● WHAT YOU SHOULD DO
Filter the records for "FRICTION" and keep each line that has it.

+--

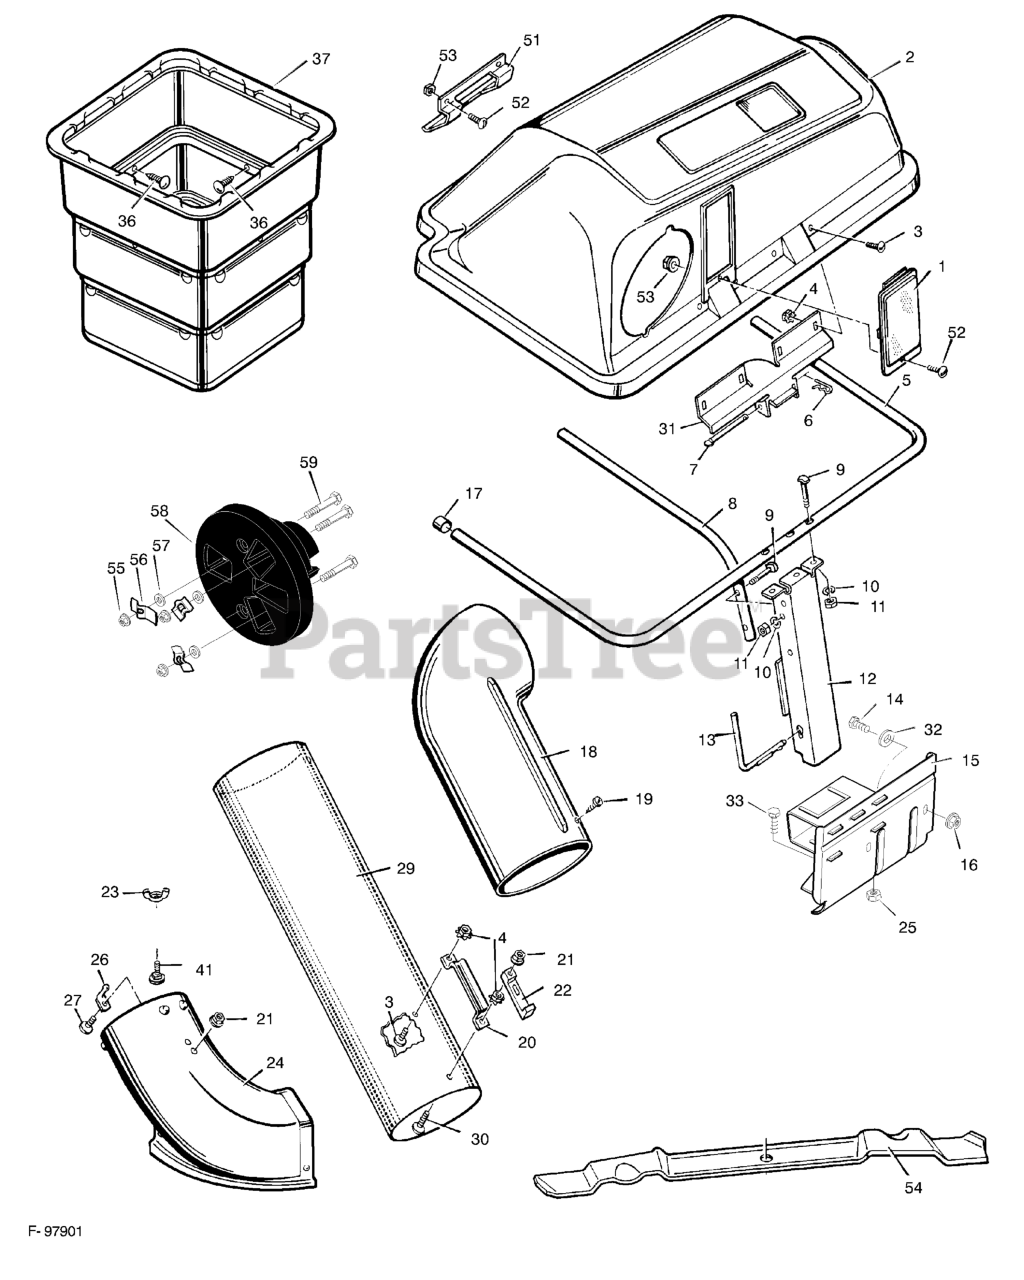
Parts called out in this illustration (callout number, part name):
4	Locknut
6	Pin, Hair
7	Pin, Hinge
8	Tube, Center
9	Bolt, Special
10	Lockwasher
11	Nut, Hex
12	Channel Assembly
13	Pin, Channel
14	CAPSCREW, Hex Head, 5/16-18 x 1
15	Mount Assembly, Bagger
16	Nut, Hex
17	Cap, End
20	HANDLE, Connect Tube
21	Locknut, Flange
22	Latch, Rubber
23	Wingnut
24	Tube, Extension
25	Hex Nut
26	Pin, Latch
27	Bolt, Carriage
29	Tube, Connector
31	Hinge, Cover
33	Bolt, Hex
36	Fastener, Plastic
37	Containers (Quantity 2)
41	Bolt, Carriage
51	Handle, Plastic
53	Nut, Hex
54	Blade, High Lift (97cm)
55	Nut, Flange
56	Clip, Wheel
57	Retainer
58	Weight, Wheel
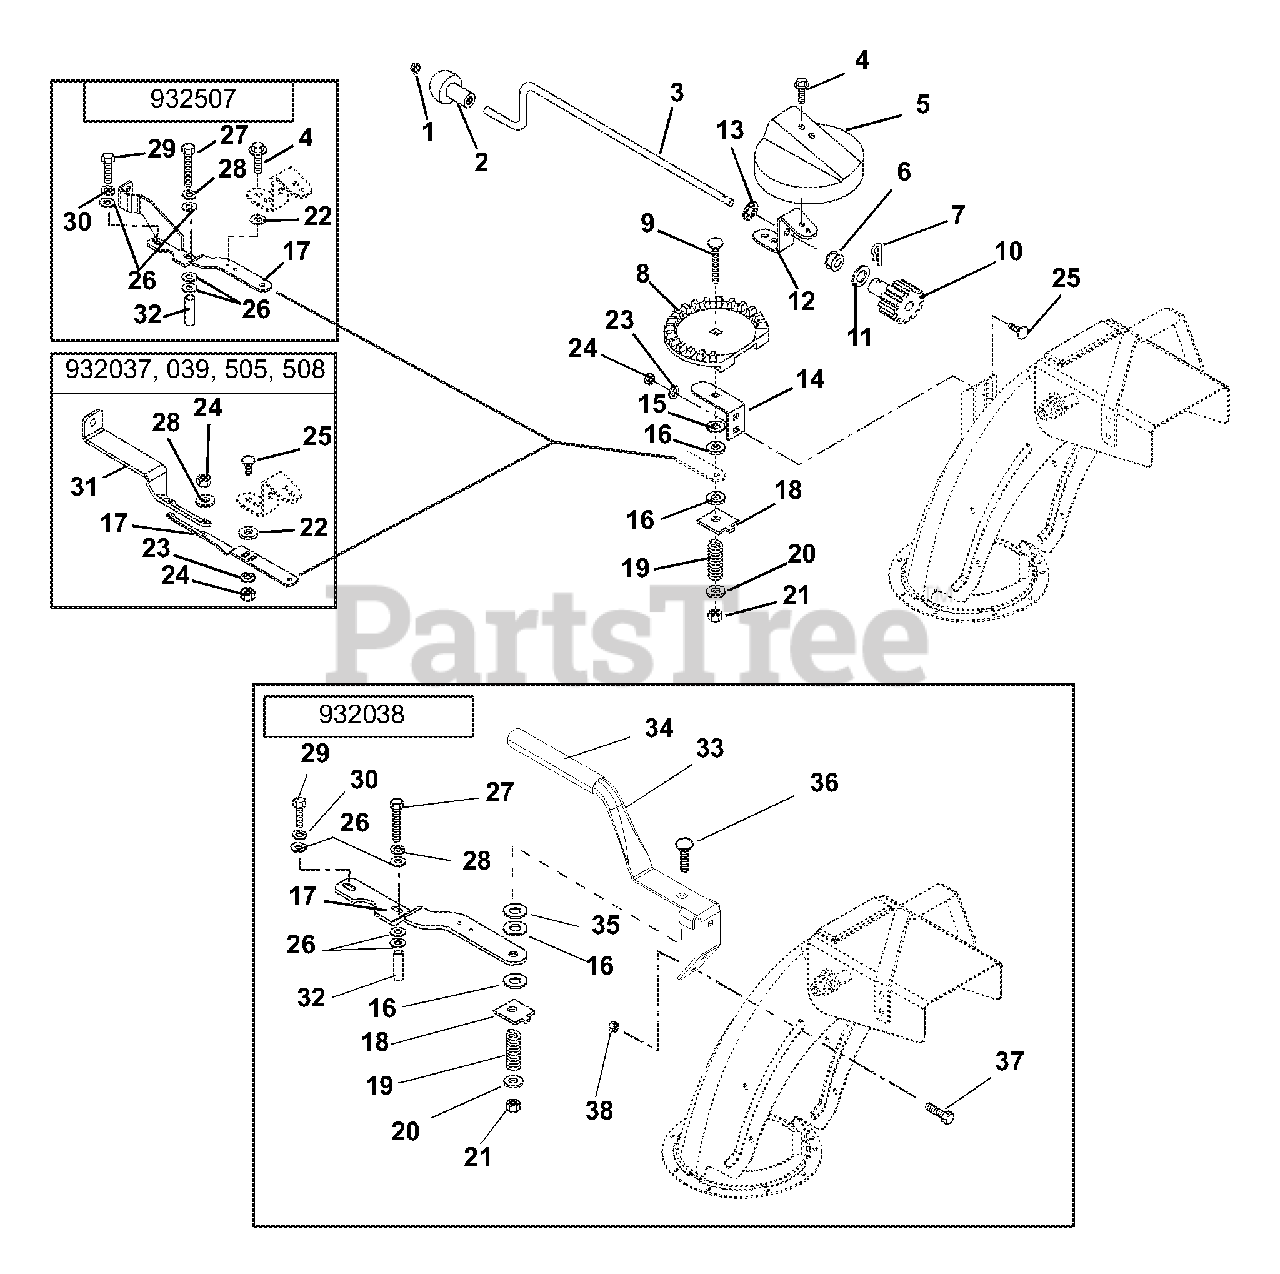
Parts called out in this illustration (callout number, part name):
1	CAP, 3/8 ROD YWZC
2	KNOB
3	CRANK, CHUTE
4	@SCR-TAP .25-20X.50 HWH TR YWZ
5	GEAR COVER
6	BUSHING, POLYLINER-.63 SNAPIN
7	PIN, SPRING CLIP
8	CHUTE GEAR
9	@BLT-RDHDSQNK .38-16X2.50 G5YZ
10	BRACKET, W/PINION GEAR
11	WSHR-THRST .625 X 1.0 X .03
12	BRACKET, PINION GEAR
13	PUSHNUT .625
14	GEAR STRAP
15	WSHR-FL-STL .380X1.50X.062 YWZ
16	FRICTION WASHER
17	BRACKET, CRANK SUPPORT
17	BRACKET, CHUTE SUPPORT
17	BRACE, CHUTE CONTROL
18	FRICTION PLATE
19	SG-COMP .187X.56X1.62
20	@WSHR-FL-STL.406X.812X.065 YWZ
21	@NUT-LK-CTR .38-16 YWZC
22	@WSHR-FL-STL.281X.62X.065 YWZC
23	@WSHR-LK .25X.062 REG YWZC
24	@NUT-HEX .25-20 YWZC
25	@BLT-RDHDSQNK .25-20X.75 G5YZ
26	WSHR-FL-STL .328X.875X.062YWZC
27	@BLT-HEX .25-20X1.50 GR5 YWZC
28	WSHR-LK .250X.077 HVY YWZC
29	@BLT-HEX .31-18X.75 GR5 YWZC
30	WSHR-LK .312X.097 HVY YWZC
31	SUPPORT, CHUTE CRANK
32	SPACER .280X.625X.640
33	CHUTE HANDLE, PAINTED
34	GRIP, CHUTE HANDLE, ORANGE
35	@WSHR-FL-STL.563X1.38X.109YWZC
36	@BLT-RDHDSQNK .38-16X2.25 G5YZ
37	@BLT-HEX .25-20X.50 GR5 YWZC
38	@NUT-LK-CTR .25-20 YWZC
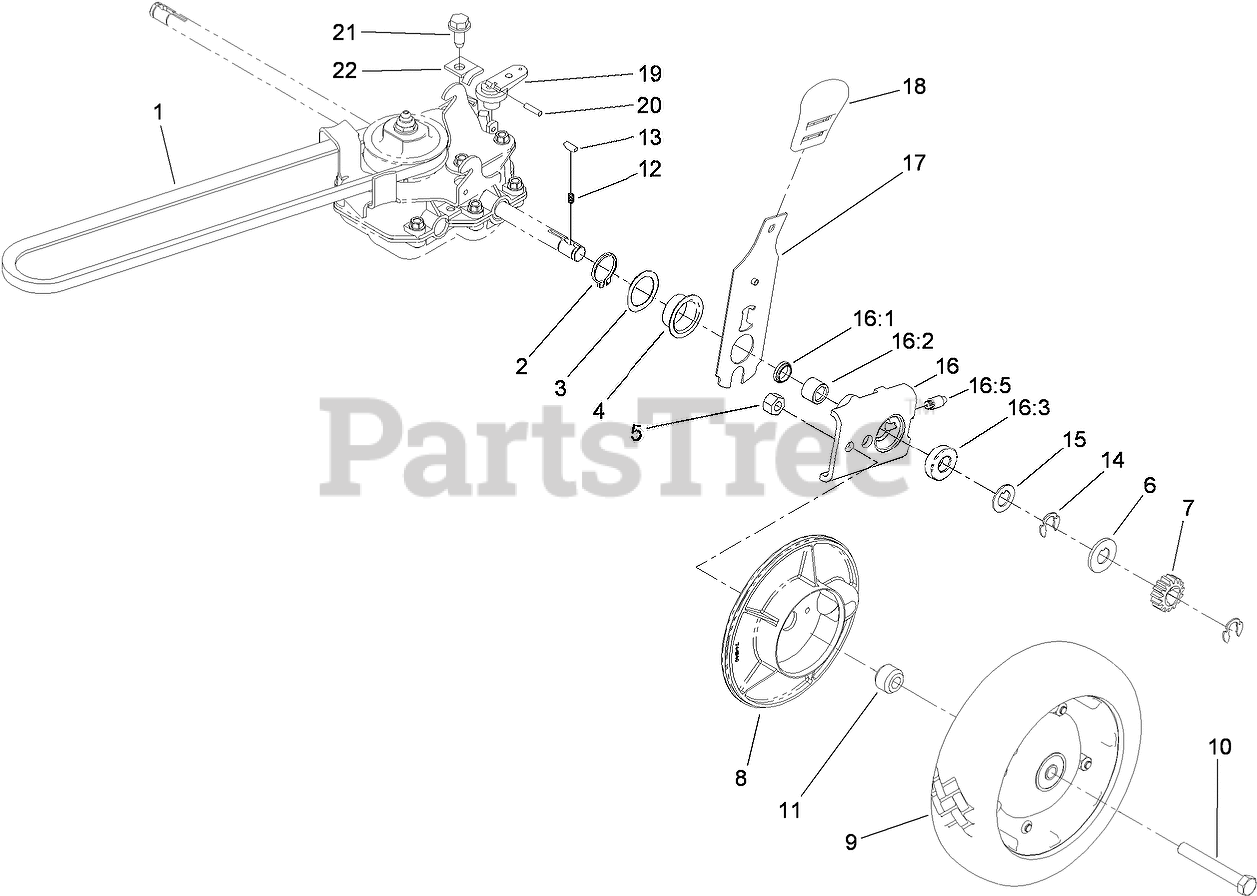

+--

● RESPONSE BOX
16	FRICTION WASHER
18	FRICTION PLATE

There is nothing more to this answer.